Laser-Induced Breakdown Spectroscopy and Principal Component Analysis for the Classification of Spectra from Gold-Bearing Ores

Laser-induced breakdown spectroscopy (LIBS) and principal component analysis (PCA) were applied to the classification of LIBS spectra from gold ores prepared as pressed pellets from pulverized bulk samples. For each sample, 5000 single-shot LIBS spectra were obtained. Although the gold concentrations in the samples were as high as 7.7 mu g/g, Au emission lines were not observed in most single-shot LIBS spectra, rendering the application of the usual ensemble-averaging approach for spectral processing to be infeasible. Instead, a PCA approach was utilized to analyze the collection of single-shot LIBS spectra. Two spectral ranges of 21 nm and 0.15 nm wide were considered, and LIBS variables (i.e., wavelengths) reduced to no more than three principal components. Single-shot spectra containing Au emission lines (positive spectra) were discriminated by PCA from those without the spectral feature (negative spectra) in a spectral range of less than 1 nm wide around the Au(I) 267.59 nm emission line. Assuming a discrete gold distribution at very low concentration, LIBS sampling of gold particles seemed unlikely; therefore, positive spectra were considered as data outliers.
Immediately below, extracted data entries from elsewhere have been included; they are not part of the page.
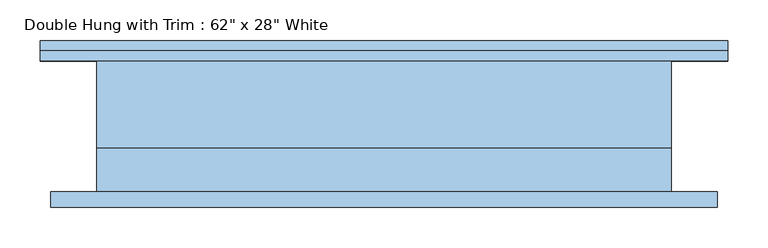
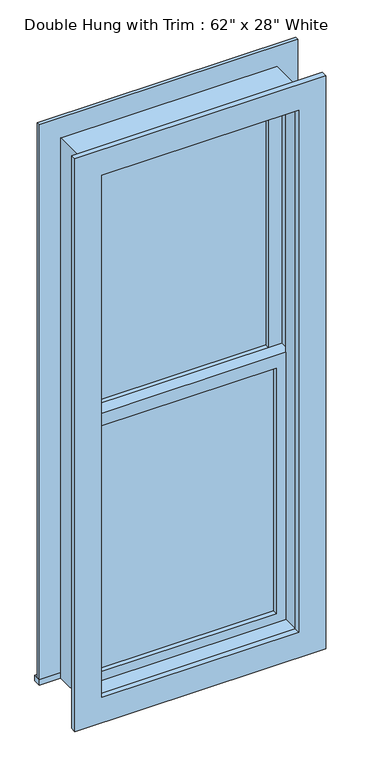
"""IFC4 building model written with IfcOpenShell, lengths in millimetres: window geometry."""

from ifc_helpers import new_model, si_unit, frame, origin, place, context, project, spatial, polyline, outline, extrude, source, transform, mapped, element, save


def window_6fcd84cf(model_context):
    return source(origin(), model_context, "Body", "SweptSolid", [
        extrude(outline(polyline([(-292.1, 1.5875), (292.1, 1.5875), (292.1, -11.1125), (-292.1, -11.1125), (-292.1, 1.5875)])), frame((0.0, 0.0, 977.9), z_axis=(0.0, 0.0, 1.0), x_axis=(1.0, 0.0, 0.0)), (0.0, 0.0, 1.0), 854.075),
        extrude(outline(polyline([(1876.425, -336.55), (933.45, -336.55), (933.45, 336.55), (1876.425, 336.55), (1876.425, -336.55)]), holes=[polyline([(1831.975, -292.1), (1831.975, 292.1), (977.9, 292.1), (977.9, -292.1), (1831.975, -292.1)])]), frame((0.0, -26.9875, 0.0), z_axis=(0.0, 1.0, 0.0), x_axis=(0.0, 0.0, 1.0)), (0.0, 0.0, 1.0), 44.45),
        extrude(outline(polyline([(-425.45, 106.3625), (425.45, 106.3625), (425.45, 80.9625), (-425.45, 80.9625), (-425.45, 106.3625)])), frame((0.0, 0.0, 914.4), z_axis=(0.0, 0.0, 1.0), x_axis=(1.0, 0.0, 0.0)), (0.0, 0.0, 1.0), 19.05),
        extrude(outline(polyline([(2774.95, -336.55), (2774.95, 336.55), (933.45, 336.55), (933.45, 425.45), (2863.85, 425.45), (2863.85, -425.45), (933.45, -425.45), (933.45, -336.55), (2774.95, -336.55)])), frame((0.0, 80.9625, 0.0), z_axis=(0.0, 1.0, 0.0), x_axis=(0.0, 0.0, 1.0)), (0.0, 0.0, 1.0), 12.7),
        extrude(outline(polyline([(2851.15, 412.75), (2851.15, -412.75), (857.25, -412.75), (857.25, 412.75), (2851.15, 412.75)]), holes=[polyline([(2762.25, 323.85), (946.15, 323.85), (946.15, -323.85), (2762.25, -323.85), (2762.25, 323.85)])]), frame((0.0, -100.0125, 0.0), z_axis=(0.0, 1.0, 0.0), x_axis=(0.0, 0.0, 1.0)), (0.0, 0.0, 1.0), 19.05),
        extrude(outline(polyline([(292.1, 33.3375), (-292.1, 33.3375), (-292.1, 46.0375), (292.1, 46.0375), (292.1, 33.3375)])), frame((0.0, 0.0, 1876.425), z_axis=(0.0, 0.0, 1.0), x_axis=(1.0, 0.0, 0.0)), (0.0, 0.0, 1.0), 854.075),
        extrude(outline(polyline([(2774.95, -336.55), (1831.975, -336.55), (1831.975, 336.55), (2774.95, 336.55), (2774.95, -336.55)]), holes=[polyline([(2730.5, -292.1), (2730.5, 292.1), (1876.425, 292.1), (1876.425, -292.1), (2730.5, -292.1)])]), frame((0.0, 17.4625, 0.0), z_axis=(0.0, 1.0, 0.0), x_axis=(0.0, 0.0, 1.0)), (0.0, 0.0, 1.0), 44.45),
        extrude(outline(polyline([(2794.0, -355.6), (914.4, -355.6), (914.4, 355.6), (2794.0, 355.6), (2794.0, -355.6)]), holes=[polyline([(2762.25, -323.85), (2762.25, 323.85), (946.15, 323.85), (946.15, -323.85), (2762.25, -323.85)])]), frame((0.0, -80.9625, 0.0), z_axis=(0.0, 1.0, 0.0), x_axis=(0.0, 0.0, 1.0)), (0.0, 0.0, 1.0), 53.975),
        extrude(outline(polyline([(2794.0, 355.6), (2794.0, -355.6), (914.4, -355.6), (914.4, 355.6), (2794.0, 355.6)]), holes=[polyline([(2774.95, 336.55), (933.45, 336.55), (933.45, -336.55), (2774.95, -336.55), (2774.95, 336.55)])]), frame((0.0, -26.9875, 0.0), z_axis=(0.0, 1.0, 0.0), x_axis=(0.0, 0.0, 1.0)), (0.0, 0.0, 1.0), 107.95),
    ])


if __name__ == "__main__":
    model = new_model("IFC4")
    model_context = context("Model", 3, world=origin())
    ifc_project = project(units=[si_unit("LENGTHUNIT", "METRE", prefix="MILLI")], contexts=[model_context])
    site = spatial("IfcSite", under=ifc_project)
    building = spatial("IfcBuilding", under=site)
    placement = place(None, origin())
    window_shape = window_6fcd84cf(model_context)
    element("IfcWindow", 1, ObjectType="Double Hung with Trim : 62\" x 28\" White", at=placement, inside=building, context=model_context, shape_type="MappedRepresentation", body=[
        mapped(window_shape, transform((0.0, 0.0, 0.0), x_axis=(1.0, 0.0, 0.0), y_axis=(0.0, 1.0, 0.0), z_axis=(0.0, 0.0, 1.0))),
    ])
    save(model, "model.ifc")

# Revit data of these elements
# Type "Double Hung with Trim : 62\" x 28\" White"
#   Type Mark = "79"
#   Construction Type Id = "GSP4R"
#   Assembly Code = "B2020100"
#   Analytic Construction = "1/8 in Pilkington single glazing"
#   Visual Light Transmittance = 0.9
#   Solar Heat Gain Coefficient = 0.78
#   Heat Transfer Coefficient (U) = 3.6886 W/(m²·K)
#   Height = 6' - 2"
#   Default Sill Height = 3' - 0"
#   Trim Projection - Ext. = 0' - 0 1/2"
#   Trim Projection - Int. = 0' - 0 3/4"
#   Trim Width - Exterior = 0' - 3 1/2"
#   Trim Width - Interior = 0' - 3 1/2"
#   Width = 2' - 4"
#   Window Inset = 0' - 0 3/4"
#   COBie.Type = no
#   Glass Pane Material = Glass
#   Sash Material = Sash - White
#   Trim Exterior Material = Trim - White
#   Trim Interior Material = Trim - White
#   Wall Closure = (empty or 0)
# Element 1 (IfcWindow, "Double Hung with Trim : 62\" x 28\" White")
#   Materials on its faces: "Sash - White", "Trim - White", "Glass"
# Materials
#   "Glass": class "Glass", colour RGB 0 128 192, transparency 0.75, Description = "Soda Lime Glass", Cost = 0
#   "Sash - White": class "Wood", colour RGB 255 255 255, transparency 0, Cost = 0
#   "Trim - White": class "Wood", colour RGB 255 255 255, transparency 0, Cost = 0

Detection of data outliers was possible using two PCA statistical parameters, i.e., sample residual and Mahalanobis distance. Results from such a classification were compared with a standard database created with positive spectra identified with a filtering algorithm that rejected spectra with an Au intensity below the smallest detectable analytical LIBS signal (i.e., below the LIBS limit of detection). The PCA approach successfully identified 100% of the data outliers when compared with the standard database. False identifications in the multivariate approach were attributed to variations in shot-to-shot intensity and the presence of interfering emission lines.